Guerra comercial põe empresas europeias em modo de espera, revela BCE

Uma pesquisa recente do Banco Central Europeu (BCE) com 79 grandes empresas da Zona do Euro revela um cenário de cautela no setor privado. Enquanto as tensões comerciais entre EUA e seus parceiros comerciais se intensificam, as empresas europeias adotam uma postura de “esperar para ver”, adiando investimentos e revisando projeções.
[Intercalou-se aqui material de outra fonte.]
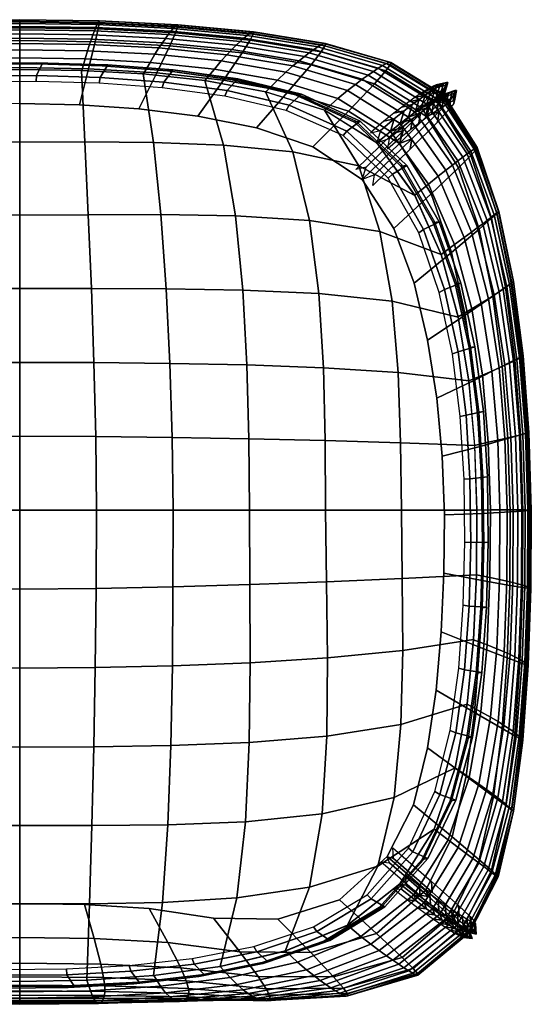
# Model space of a CAD drawing. Header units: inches. Extents: x -28 to 347, y 450 to 546.
# Tile 3 of 30: x 255 to 266, y 459 to 480. Entities that reach past the tile are written whole.
import ezdxf

# ---------------------------------------------------------------- set-up
doc = ezdxf.new("R2010")
doc.units = ezdxf.units.IN
doc.header["$MEASUREMENT"] = 0
for name, color, linetype in [('A-FURN-3-OPENEST-SEAT-FABRIC-BASE', 144, 'Continuous'), ('A-FURN-3-OPENEST-SEAT-FABRIC-SURFACE', 141, 'Continuous'), ('A-FURN-3-OPENEST-SEAT-FRAME', 254, 'Continuous'), ('A-FURN-3-OPENEST-SEAT-THREAD', 254, 'Continuous')]:
    doc.layers.add(name, color=color, linetype=linetype)

# ---------------------------------------------------------------- blocks, each defined once
blk = doc.blocks.new('SOPN-XX-3D-3')
at = {"layer": 'A-FURN-3-OPENEST-SEAT-FRAME'}
for points, invisible_edges in [([(0.003, 8.58), (-1.272, 8.553), (-1.384, -8.582, 0), (0.003, -8.56, 0)], 10), ([(0.003, -8.56, 0), (0.003, 8.58), (1.279, 8.553), (1.39, -8.582, 0)], 5), ([(1.39, -8.582, 0), (1.279, 8.553), (2.551, 8.468), (2.775, -8.67, 0)], 5), ([(4.147, -8.875, 0), (2.775, -8.67, 0), (2.551, 8.468), (3.817, 8.312)], 10), ([(3.817, 8.312), (5.067, 8.058), (5.529, -8.893, 0), (4.147, -8.875, 0)], 10), ([(6.845, -8.484, 0), (5.529, -8.893, 0), (5.067, 8.058), (6.274, 7.65)], 10), ([(6.274, 7.65), (7.334, 6.953), (7.869, -7.556, 0), (6.845, -8.484, 0)], 10), ([(8.431, -6.443, 0), (7.869, -7.556, 0), (7.334, 6.953), (8.012, 5.904, 0)], 10), ([(8.012, 5.904, 0), (8.443, 4.728, 0), (8.731, -5.227, 0), (8.431, -6.443, 0)], 10), ([(8.913, -3.986, 0), (8.731, -5.227, 0), (8.443, 4.728, 0), (8.734, 3.509, 0)], 10), ([(8.734, 3.509, 0), (8.929, 2.27, 0), (9.023, -2.737), (8.913, -3.986, 0)], 10), ([(9.081, -1.485, 0), (9.023, -2.737), (8.929, 2.27, 0), (9.047, 1.022, 0)], 10), ([(9.047, 1.022, 0), (9.094, -0.231, 0), (9.081, -1.485, 0)], 8)]:
    blk.add_3dface(points, dxfattribs=dict(at, invisible_edges=invisible_edges))
at = {"layer": 'A-FURN-3-OPENEST-SEAT-FABRIC-BASE'}
mesh = blk.add_polymesh((13, 17), dxfattribs=at)
for k, corner in enumerate([(7.646, 7.735, 16.566), (7.937, 7.984, 15.5), (8.149, 8.155, 14.4), (8.321, 8.289, 13.288), (8.469, 8.398, 12.169), (8.599, 8.49, 11.047), (8.715, 8.569, 9.922), (8.819, 8.636, 8.795), (8.912, 8.693, 7.666), (8.994, 8.738, 6.537), (9.055, 8.765, 5.405), (9.086, 8.761, 4.272), (9.066, 8.709, 3.14), (8.968, 8.582, 2.018), (8.712, 8.305, 0.954), (8.129, 7.723, 0.204), (7.334, 6.953), (6.533, 8.437, 16.566), (6.813, 8.686, 15.5), (7.018, 8.857, 14.4), (7.186, 8.991, 13.288), (7.33, 9.099, 12.169), (7.458, 9.191, 11.047), (7.573, 9.269, 9.922), (7.676, 9.336, 8.795), (7.77, 9.393, 7.666), (7.852, 9.437, 6.537), (7.915, 9.463, 5.405), (7.948, 9.459, 4.272), (7.932, 9.407, 3.14), (7.84, 9.279, 2.018), (7.597, 9.002, 0.954), (7.038, 8.42, 0.204), (6.274, 7.65), (5.27, 8.832, 16.566), (5.519, 9.08, 15.5), (5.701, 9.252, 14.4), (5.851, 9.386, 13.288), (5.981, 9.496, 12.169), (6.096, 9.589, 11.047), (6.2, 9.668, 9.922), (6.295, 9.736, 8.795), (6.38, 9.794, 7.666), (6.455, 9.84, 6.537), (6.514, 9.867, 5.405), (6.545, 9.864, 4.272), (6.533, 9.813, 3.14), (6.453, 9.686, 2.018), (6.238, 9.41, 0.954), (5.744, 8.828, 0.204), (5.067, 8.058), (3.967, 9.071, 16.566), (4.168, 9.319, 15.5), (4.316, 9.492, 14.4), (4.438, 9.626, 13.288), (4.543, 9.737, 12.169), (4.637, 9.831, 11.047), (4.722, 9.911, 9.922), (4.8, 9.981, 8.795), (4.87, 10.04, 7.666), (4.932, 10.088, 6.537), (4.981, 10.116, 5.405), (5.007, 10.115, 4.272), (4.998, 10.064, 3.14), (4.935, 9.939, 2.018), (4.762, 9.663, 0.954), (4.363, 9.082, 0.204), (3.817, 8.312), (2.65, 9.213, 16.566), (2.791, 9.462, 15.5), (2.895, 9.635, 14.4), (2.98, 9.77, 13.288), (3.055, 9.882, 12.169), (3.121, 9.977, 11.047), (3.181, 10.058, 9.922), (3.236, 10.129, 8.795), (3.286, 10.19, 7.666), (3.33, 10.238, 6.537), (3.364, 10.268, 5.405), (3.383, 10.268, 4.272), (3.377, 10.218, 3.14), (3.333, 10.094, 2.018), (3.213, 9.819, 0.954), (2.934, 9.238, 0.204), (2.551, 8.468), (1.328, 9.288, 16.566), (1.4, 9.537, 15.5), (1.453, 9.71, 14.4), (1.498, 9.846, 13.288), (1.536, 9.958, 12.169), (1.57, 10.054, 11.047), (1.601, 10.136, 9.922), (1.63, 10.208, 8.795), (1.655, 10.27, 7.666), (1.678, 10.319, 6.537), (1.696, 10.35, 5.405), (1.706, 10.35, 4.272), (1.703, 10.302, 3.14), (1.681, 10.178, 2.018), (1.619, 9.903, 0.954), (1.475, 9.322, 0.204), (1.279, 8.553), (0.003, 9.311, 16.566), (0.003, 9.56, 15.5), (0.003, 9.733, 14.4), (0.003, 9.869, 13.288), (0.003, 9.982, 12.169), (0.003, 10.077, 11.047), (0.003, 10.16, 9.922), (0.003, 10.232, 8.795), (0.003, 10.294, 7.666), (0.003, 10.344, 6.537), (0.003, 10.375, 5.405), (0.003, 10.376, 4.272), (0.003, 10.328, 3.14), (0.003, 10.204, 2.018), (0.003, 9.93, 0.954), (0.003, 9.349, 0.204), (0.003, 8.58), (-1.322, 9.288, 16.566), (-1.394, 9.537, 15.5), (-1.447, 9.71, 14.4), (-1.491, 9.846, 13.288), (-1.53, 9.958, 12.169), (-1.564, 10.054, 11.047), (-1.595, 10.136, 9.922), (-1.623, 10.208, 8.795), (-1.649, 10.27, 7.666), (-1.672, 10.319, 6.537), (-1.69, 10.35, 5.405), (-1.7, 10.35, 4.272), (-1.697, 10.302, 3.14), (-1.675, 10.178, 2.018), (-1.612, 9.903, 0.954), (-1.469, 9.322, 0.204), (-1.272, 8.553), (-2.644, 9.213, 16.566), (-2.785, 9.462, 15.5), (-2.888, 9.635, 14.4), (-2.974, 9.77, 13.288), (-3.048, 9.882, 12.169), (-3.115, 9.977, 11.047), (-3.175, 10.058, 9.922), (-3.23, 10.129, 8.795), (-3.28, 10.19, 7.666), (-3.323, 10.238, 6.537), (-3.358, 10.268, 5.405), (-3.377, 10.268, 4.272), (-3.371, 10.218, 3.14), (-3.327, 10.094, 2.018), (-3.207, 9.819, 0.954), (-2.927, 9.238, 0.204), (-2.545, 8.468), (-3.961, 9.071, 16.566), (-4.162, 9.319, 15.5), (-4.31, 9.492, 14.4), (-4.431, 9.626, 13.288), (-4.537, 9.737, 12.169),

Impacto das tarifas americanas na economia europeia

O relatório do BCE, realizado entre 17 e 26 de março, mostra que as medidas protecionistas dos EUA são vistas pelas empresas europeias mais como “um risco” do que como realidade consolidada. Entre as companhias que já ajustaram suas expectativas, predominam previsões de menor atividade econômica e preços mais altos para consumidores. Setores dependentes de insumos americanos são os mais afetados, com muitas empresas revendo cadeias de suprimentos. Curiosamente, o estudo revela que algumas indústrias veem oportunidades nas tensões comerciais, buscando alternativas de fornecedores em outros mercados.

Defesa e indústria: o lado inesperado do aumento de gastos militares

Enquanto as tarifas preocupam, os planos de aumento nos gastos com defesa na Europa estão sendo recebidos com otimismo por parte do setor empresarial. Empresas de máquinas e construção civil enxergam nessas políticas um potencial estímulo à demanda. O BCE destaca que os anúncios de maior financiamento para defesa foram considerados “suficientemente grandes e certos” para melhorar expectativas. No entanto, alguns executivos alertam para possíveis efeitos colaterais, como pressões inflacionárias e desvio de recursos de outros projetos estratégicos.

Mercado de trabalho e consumo: um retrato em dois tempos

O estudo revela um cenário desigual na economia europeia:

  • Setores como construção e defesa continuam expandindo contratações
  • A indústria mostra sinais de recuperação
  • O varejo permanece frágil, com consumidores ainda cautelosos
  • Bens de consumo duráveis, como eletrônicos, experimentam demanda aquecida

Os salários devem crescer 3% em 2025, abaixo dos 4,3% de 2024, indicando um retorno a padrões mais tradicionais de ajustes salariais vinculados à produtividade.

Perguntas e respostas

1. Como as empresas europeias estão reagindo às tarifas americanas?
A maioria adotou uma postura de cautela, adiando investimentos e tratando as medidas como risco potencial, não como realidade imediata.

2. Quais setores se beneficiam do aumento nos gastos com defesa?
Indústrias de máquinas e construção civil são as mais otimistas, enxergando novas oportunidades de negócios.

3. O que esperar do mercado de trabalho europeu em 2025?
Contratações devem continuar em setores específicos, com crescimento salarial moderado para 3%, abaixo do observado em 2024.

O relatório do BCE pinta um quadro complexo para a economia europeia, onde riscos e oportunidades coexistem em meio a um cenário global de incertezas comerciais. Enquanto algumas empresas se preparam para turbulências, outras já identificam novas fontes de crescimento em meio às mudanças.